Required action:
In the entries below, the lines from the one with "Max Overcurrent Protection = 0 A" through the one with "FL Amps = 28 A" are to be copied exactly; both ends count.

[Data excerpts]
========================================

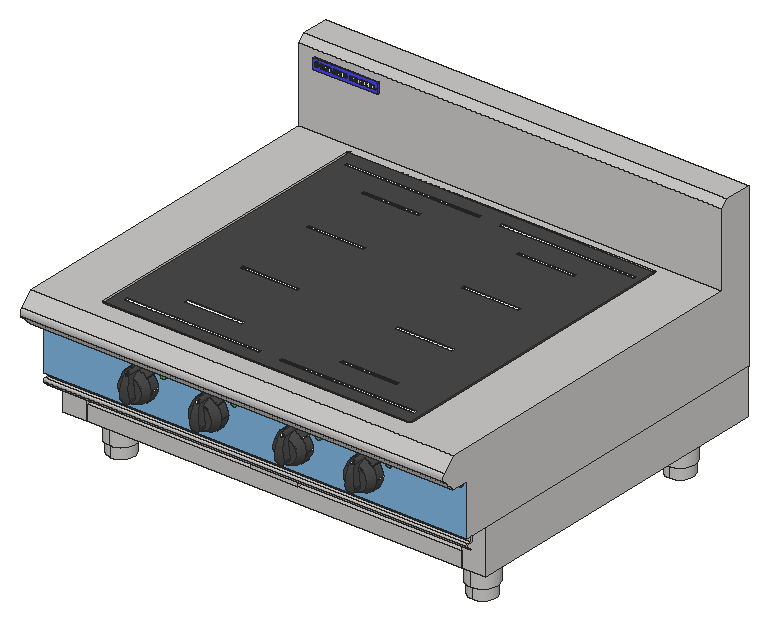
Revit family "QF_Moffat_IN514F-B_Induction_Cooktop_cat", category Specialty Equipment, Revit 2019
Family settings
  Round Connector Dimension = Use Diameter
  Part Type = Normal
  Work Plane-Based = No
  Always vertical = Yes
  Cut with Voids When Loaded = No
  Shared = No
  Room Calculation Point = No
Parameters (values of type "IN514F-B")
  Weight in Kilograms = 105
  Watts = 11200 W
  Volts = 400 V
  URL Cutsheet = ""
  Specification by User = ""
  Specification by Manufacturer = ""
  Show Logo [instance] = yes
  Serial Number = ""
  Seismic Rating = ""
  SMACNA No = ""
  Revision Code = ""
  Phase = 3
  Number of Poles = 1
  NAFEM Spec ID Number = ""
  Model = "IN514F-B"
  Min Ckt Ampacity = 0 A
  Max Overcurrent Protection = 0 A
  Masterspec = ""
  Manufacturer = "Moffat"
  Length = 900 mm
  Item Number = ""
  Installed By = ""
  Identify Quantity as Lot = yes
  Height = 525 mm
  HP = ""
  Furnished By = ""
  Foodservice Equipment Identifier = yes
  FL Amps = 28 A
  Electrical Remarks = ""
  Electric Connection Type = ""
  Elec Conn RI Height = 0 mm
  Elec Conn Connection Height = 0 mm
  Description = "Induction Cooktop"
  Depth = 812.2 mm
  Cycle = 50 Hz
  Conn Plug = ""
  Conn Conduit = yes
  CSI MasterFormat = ""
  Apparent Power = if(Phase = 3, Volts * FL Amps * 1.73, Volts * FL Amps)  # 19376 VA
Reference planes
  plane 1 "BACK": y = 0
  plane 2: z = 0
  plane 3 "LEFT": x = 0
  plane 4 "RIGHT": x = 900
  plane 5 "FRONT": y = -812.2
  plane 6 "TOP": z = 525
  plane 7 "Center Y": x = 450
  plane 8 "Center X": y = -406.1
  plane 9: x = 65.5
  plane 10: x = 834.5
  plane 11: y = -30
  plane 12: x = 770
  plane 13: z = 180
  plane 14: y = -100
  plane 15: y = -625
  plane 16: z = 85
Forms (mm)
  Extrusion 1, solid, material "QF_Metal_Stainless_Polished"
    sketch origin (0, 0, 0) x (0, 1, 0) y (0, 0, 1)
      loop
        line (0, 180) -> (0, 525) -> (-57, 525) -> (-70, 512) -> (-70, 354.5) -> (-784.171, 354.5) -> (-808.685, 329.985)
        arc (-808.685, 329.985) -> (-812.2, 321.5) -> (-808.685, 313.015) r 12
        line (-808.685, 313.015) -> (-785.171, 289.5) -> (-749, 289.5) -> (-749, 180) -> (0, 180)
    from 0 to 900
  Extrusion 2, void
    sketch origin (0, -784.171, 354.5) x (0, 1, 0) y (-1, 0, 0)
      loop
        arc (696.671, -124.5) -> (694.913, -120.257) -> (690.671, -118.5) r 6
        line (690.671, -118.5) -> (44.671, -118.5)
        arc (44.671, -118.5) -> (40.428, -120.257) -> (38.671, -124.5) r 6
        line (38.671, -124.5) -> (38.671, -770.5)
        arc (38.671, -770.5) -> (40.428, -774.743) -> (44.671, -776.5) r 6
        line (44.671, -776.5) -> (690.671, -776.5)
        arc (690.671, -776.5) -> (694.913, -774.743) -> (696.671, -770.5) r 6
        line (696.671, -770.5) -> (696.671, -124.5)
    from 0 to -9.5
  Extrusion 3, solid, material "QF_Plastic_White_Smooth"
    sketch origin (0, -784.171, 345) x (0, 1, 0) y (-1, 0, 0)
      loop
        line (599.671, -345) -> (605.671, -345) -> (605.671, -225) -> (599.671, -225) -> (599.671, -345)
      loop
        line (657.271, -427.5) -> (663.271, -427.5) -> (663.271, -142.5) -> (657.271, -142.5) -> (657.271, -427.5)
      loop
        line (657.271, -757.5) -> (663.271, -757.5) -> (663.271, -472.5) -> (657.271, -472.5) -> (657.271, -757.5)
      loop
        line (605.671, -555) -> (599.671, -555) -> (599.671, -675) -> (605.671, -675) -> (605.671, -555)
      loop
        line (459.171, -555) -> (453.171, -555) -> (453.171, -675) -> (459.171, -675) -> (459.171, -555)
      loop
        line (453.171, -345) -> (459.171, -345) -> (459.171, -225) -> (453.171, -225) -> (453.171, -345)
      loop
        line (282.171, -345) -> (282.171, -225) -> (276.171, -225) -> (276.171, -345) -> (282.171, -345)
      loop
        line (282.171, -555) -> (276.171, -555) -> (276.171, -675) -> (282.171, -675) -> (282.171, -555)
      loop
        line (129.671, -675) -> (135.671, -675) -> (135.671, -555) -> (129.671, -555) -> (129.671, -675)
      loop
        line (129.671, -345) -> (135.671, -345) -> (135.671, -225) -> (129.671, -225) -> (129.671, -345)
      loop
        line (78.071, -142.5) -> (72.071, -142.5) -> (72.071, -427.5) -> (78.071, -427.5) -> (78.071, -142.5)
      loop
        line (72.071, -757.5) -> (78.071, -757.5) -> (78.071, -472.5) -> (72.071, -472.5) -> (72.071, -757.5)
    from 0 to 9.5
  Extrusion 4, solid, material "QF_Plastic_Black_Smooth"
    sketch origin (0, -784.171, 354.5) x (0, 1, 0) y (-1, 0, 0)
      loop
        line (692.671, -770.5) -> (692.671, -124.5)
        arc (692.671, -124.5) -> (692.085, -123.086) -> (690.671, -122.5) r 2
        line (690.671, -122.5) -> (44.671, -122.5)
        arc (44.671, -122.5) -> (43.256, -123.086) -> (42.671, -124.5) r 2
        line (42.671, -124.5) -> (42.671, -770.5)
        arc (42.671, -770.5) -> (43.256, -771.914) -> (44.671, -772.5) r 2
        line (44.671, -772.5) -> (690.671, -772.5)
        arc (690.671, -772.5) -> (692.085, -771.914) -> (692.671, -770.5) r 2
      loop
        line (657.271, -142.5) -> (657.271, -427.5) -> (663.271, -427.5) -> (663.271, -142.5) -> (657.271, -142.5)
      loop
        line (599.671, -225) -> (599.671, -345) -> (605.671, -345) -> (605.671, -225) -> (599.671, -225)
      loop
        line (459.171, -345) -> (459.171, -225) -> (453.171, -225) -> (453.171, -345) -> (459.171, -345)
      loop
        line (276.171, -225) -> (276.171, -345) -> (282.171, -345) -> (282.171, -225) -> (276.171, -225)
      loop
        line (129.671, -225) -> (129.671, -345) -> (135.671, -345) -> (135.671, -225) -> (129.671, -225)
      loop
        line (78.071, -427.5) -> (78.071, -142.5) -> (72.071, -142.5) -> (72.071, -427.5) -> (78.071, -427.5)
      loop
        line (72.071, -757.5) -> (78.071, -757.5) -> (78.071, -472.5) -> (72.071, -472.5) -> (72.071, -757.5)
      loop
        line (129.671, -675) -> (135.671, -675) -> (135.671, -555) -> (129.671, -555) -> (129.671, -675)
      loop
        line (276.171, -675) -> (282.171, -675) -> (282.171, -555) -> (276.171, -555) -> (276.171, -675)
      loop
        line (453.171, -675) -> (459.171, -675) -> (459.171, -555) -> (453.171, -555) -> (453.171, -675)
      loop
        line (599.671, -675) -> (605.671, -675) -> (605.671, -555) -> (599.671, -555) -> (599.671, -675)
      loop
        line (657.271, -757.5) -> (663.271, -757.5) -> (663.271, -472.5) -> (657.271, -472.5) -> (657.271, -757.5)
    from 0 to -9.5
  Extrusion 5, solid, material "QF_Metal_Stainless_Polished"
    sketch origin (0, 0, 40) x (0, 1, 0) y (0, 0, 1)
      loop
        line (-737.8, 140) -> (-737.8, 130) -> (-747.305, 130)
        arc (-747.305, 130) -> (-750.276, 128.015) -> (-749.579, 124.511) r 3.215
        line (-749.579, 124.511) -> (-739.05, 113.982) -> (-737.919, 115.113) -> (-748.447, 125.642)
        arc (-748.447, 125.642) -> (-748.797, 127.403) -> (-747.305, 128.4) r 1.615
        line (-747.305, 128.4) -> (-736.2, 128.4) -> (-736.2, 140) -> (-737.8, 140)
    from 0 to 900
  Extrusion 6, solid, material "QF_Plastic_Black_Smooth"
    sketch origin (0, -749, 181.875) x (0, 0, 1) y (-1, 0, 0)
      loop
        circle (99.343, -13.157) r 5
      loop
        circle (99.343, -886.843) r 5
      loop
        circle (99.343, -210) r 5
      loop
        circle (99.343, -360) r 5
      loop
        circle (99.343, -540) r 5
      loop
        circle (99.343, -690) r 5
    from 0 to 1.6
  Extrusion 7, solid, material "QF_Metal_Stainless_Polished"
    sketch origin (0, -699, 85) x (0, 1, 0) y (1, 0, 0)
      loop
        circle (669, 770) r 6.35
    from 0 to 1.6
  Extrusion 8, solid, material "QF_Metal_Stainless_Polished"
    sketch origin (0, -699, 85) x (1, 0, 0) y (0, -1, 0)
      loop
        line (0, -699) -> (900, -699) -> (900, 0) -> (849.2, 0) -> (849.2, -25.4) -> (50.8, -25.4) -> (50.8, 0) -> (0, 0) -> (0, -699)
    from 0 to -95
  Revolve 9, solid, material "QF_Metal_Stainless_Polished"
    sketch origin (65.5, -4572, -304.8) x (0, 0, -1) y (0, -1, 0)
      loop
        line (-304.8, -4499.5) -> (-304.8, -4472) -> (-389.8, -4472) -> (-389.8, -4503.75) -> (-329.8, -4503.75) -> (-329.8, -4499.5) -> (-304.8, -4499.5)
      axis (-389.8, -4472) -> (-304.8, -4472)
    angle from 0 to 360
  Revolve 10, solid, material "QF_Metal_Stainless_Polished"
    sketch origin (65.5, -4572, -304.8) x (0, 0, -1) y (0, -1, 0)
      loop
        line (-304.8, -3974.5) -> (-304.8, -3947) -> (-389.8, -3947) -> (-389.8, -3978.75) -> (-329.8, -3978.75) -> (-329.8, -3974.5) -> (-304.8, -3974.5)
      axis (-389.8, -3947) -> (-304.8, -3947)
    angle from 0 to 360
  Revolve 11, solid, material "QF_Metal_Stainless_Polished"
    sketch origin (834.5, -4572, -304.8) x (0, 0, -1) y (0, 1, 0)
      loop
        line (-304.8, 4499.5) -> (-329.8, 4499.5) -> (-329.8, 4503.75) -> (-389.8, 4503.75) -> (-389.8, 4472) -> (-304.8, 4472) -> (-304.8, 4499.5)
      axis (-389.8, 4472) -> (-304.8, 4472)
    angle from 0 to 360
  Revolve 12, solid, material "QF_Metal_Stainless_Polished"
    sketch origin (834.5, -4572, -304.8) x (0, 0, -1) y (0, 1, 0)
      loop
        line (-304.8, 3974.5) -> (-329.8, 3974.5) -> (-329.8, 3978.75) -> (-389.8, 3978.75) -> (-389.8, 3947) -> (-304.8, 3947) -> (-304.8, 3974.5)
      axis (-389.8, 3947) -> (-304.8, 3947)
    angle from 0 to 360
  Extrusion 13, solid, material "QF_Paint_Green"
    sketch origin (-27.5, -749, 181.7) x (0, 0, 1) y (-1, 0, 0)
      loop
        circle (84.8, -282.5) r 7.15
    from 0 to 1.6
  Extrusion 14, solid, material "QF_Paint_Green"
    sketch origin (122.5, -749, 181.7) x (0, 0, 1) y (-1, 0, 0)
      loop
        circle (84.8, -282.5) r 7.15
    from 0 to 1.6
  Extrusion 15, solid, material "QF_Paint_Green"
    sketch origin (302.5, -749, 181.7) x (0, 0, 1) y (-1, 0, 0)
      loop
        circle (84.8, -282.5) r 7.15
    from 0 to 1.6
  Extrusion 16, solid, material "QF_Paint_Green"
    sketch origin (452.5, -749, 181.7) x (0, 0, 1) y (-1, 0, 0)
      loop
        circle (84.8, -282.5) r 7.15
    from 0 to 1.6
  Extrusion 17, solid, material "QF_Metal_Stainless_Polished"
    sketch origin (849.2, -673.6, 85) x (-1, 0, 0) y (0, 0, -1)
      loop
        line (798.4, -32.7) -> (798.4, 0) -> (0, 0) -> (0, -32.7) -> (798.4, -32.7)
      loop
        line (798.4, -42.7) -> (450, -42.7) -> (450, -66.4) -> (798.4, -66.4) -> (798.4, -42.7)
      loop
        line (0, -67.4) -> (0, -95) -> (798.4, -95) -> (798.4, -67.4) -> (0, -67.4)
      loop
        line (348.4, -42.7) -> (0, -42.7) -> (0, -66.4) -> (348.4, -66.4) -> (348.4, -42.7)
    from 0 to 25.4
  Extrusion 18, solid, material "QF_Metal_Stainless_Polished"
    sketch origin (849.2, -673.6, 85) x (1, 0, 0) y (0, 0, -1)
      loop
        line (-450, -67.4) -> (-348.4, -67.4) -> (-348.4, -32.7) -> (-450, -32.7) -> (-450, -67.4)
    from 0 to -25.4
Cuts and joins
  Extrusion 2 cuts Extrusion 1
Lines and regions (mm)
  symbolic lines
    curve 1: line (0, 0, 0) -> (900, 0, 0)
    curve 2: line (0, -812.2, 0) -> (0, 0, 0)
    curve 3: line (900, -812.2, 0) -> (0, -812.2, 0)
    curve 4: line (900, 0, 0) -> (900, -812.2, 0)
    curve 5: line (0, -57, 0) -> (900, -57, 0)
    curve 6: line (0, -70, 0) -> (900, -70, 0)
    curve 7: line (124.5, -87.5, 0) -> (770.5, -87.5, 0)
    curve 8: arc (770.5, -87.5, 0) -> (774.743, -89.257, 0) -> (776.5, -93.5, 0) r 6
    curve 9: line (776.5, -93.5, 0) -> (776.5, -739.5, 0)
    curve 10: arc (776.5, -739.5, 0) -> (774.743, -743.743, 0) -> (770.5, -745.5, 0) r 6
    curve 11: line (770.5, -745.5, 0) -> (124.5, -745.5, 0)
    curve 12: arc (124.5, -745.5, 0) -> (120.257, -743.743, 0) -> (118.5, -739.5, 0) r 6
    curve 13: line (118.5, -739.5, 0) -> (118.5, -93.5, 0)
    curve 14: arc (118.5, -93.5, 0) -> (120.257, -89.257, 0) -> (124.5, -87.5, 0) r 6
    curve 15: line (770.5, -91.5, 0) -> (124.5, -91.5, 0)
    curve 16: arc (124.5, -91.5, 0) -> (123.086, -92.086, 0) -> (122.5, -93.5, 0) r 2
    curve 17: line (122.5, -93.5, 0) -> (122.5, -739.5, 0)
    curve 18: arc (122.5, -739.5, 0) -> (123.086, -740.914, 0) -> (124.5, -741.5, 0) r 2
    curve 19: line (124.5, -741.5, 0) -> (770.5, -741.5, 0)
    curve 20: arc (770.5, -741.5, 0) -> (771.914, -740.914, 0) -> (772.5, -739.5, 0) r 2
    curve 21: line (772.5, -739.5, 0) -> (772.5, -93.5, 0)
    curve 22: arc (772.5, -93.5, 0) -> (771.914, -92.086, 0) -> (770.5, -91.5, 0) r 2
    curve 23: line (142.5, -120.9, 0) -> (427.5, -120.9, 0)
    curve 24: line (427.5, -120.9, 0) -> (427.5, -126.9, 0)
    curve 25: line (427.5, -126.9, 0) -> (142.5, -126.9, 0)
    curve 26: line (142.5, -126.9, 0) -> (142.5, -120.9, 0)
    curve 27: line (225, -178.5, 0) -> (345, -178.5, 0)
    curve 28: line (345, -178.5, 0) -> (345, -184.5, 0)
    curve 29: line (345, -184.5, 0) -> (225, -184.5, 0)
    curve 30: line (225, -184.5, 0) -> (225, -178.5, 0)
    curve 31: line (472.5, -120.9, 0) -> (757.5, -120.9, 0)
    curve 32: line (757.5, -120.9, 0) -> (757.5, -126.9, 0)
    curve 33: line (757.5, -126.9, 0) -> (472.5, -126.9, 0)
    curve 34: line (472.5, -126.9, 0) -> (472.5, -120.9, 0)
    curve 35: line (555, -178.5, 0) -> (675, -178.5, 0)
    curve 36: line (675, -178.5, 0) -> (675, -184.5, 0)
    curve 37: line (675, -184.5, 0) -> (555, -184.5, 0)
    curve 38: line (555, -184.5, 0) -> (555, -178.5, 0)
    curve 39: line (225, -325, 0) -> (345, -325, 0)
    curve 40: line (345, -325, 0) -> (345, -331, 0)
    curve 41: line (345, -331, 0) -> (225, -331, 0)
    curve 42: line (225, -331, 0) -> (225, -325, 0)
    curve 43: line (225, -502, 0) -> (345, -502, 0)
    curve 44: line (345, -502, 0) -> (345, -508, 0)
    curve 45: line (345, -508, 0) -> (225, -508, 0)
    curve 46: line (225, -508, 0) -> (225, -502, 0)
    curve 47: line (225, -648.5, 0) -> (345, -648.5, 0)
    curve 48: line (345, -648.5, 0) -> (345, -654.5, 0)
    curve 49: line (345, -654.5, 0) -> (225, -654.5, 0)
    curve 50: line (225, -654.5, 0) -> (225, -648.5, 0)
    curve 51: line (142.5, -706.1, 0) -> (427.5, -706.1, 0)
    curve 52: line (427.5, -706.1, 0) -> (427.5, -712.1, 0)
    curve 53: line (427.5, -712.1, 0) -> (142.5, -712.1, 0)
    curve 54: line (142.5, -712.1, 0) -> (142.5, -706.1, 0)
    curve 55: line (472.5, -706.1, 0) -> (757.5, -706.1, 0)
    curve 56: line (757.5, -706.1, 0) -> (757.5, -712.1, 0)
    curve 57: line (757.5, -712.1, 0) -> (472.5, -712.1, 0)
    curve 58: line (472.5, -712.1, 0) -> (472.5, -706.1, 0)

========================================

Answer to this problem:
  Max Overcurrent Protection = 0 A
  Masterspec = ""
  Manufacturer = "Moffat"
  Length = 900 mm
  Item Number = ""
  Installed By = ""
  Identify Quantity as Lot = yes
  Height = 525 mm
  HP = ""
  Furnished By = ""
  Foodservice Equipment Identifier = yes
  FL Amps = 28 A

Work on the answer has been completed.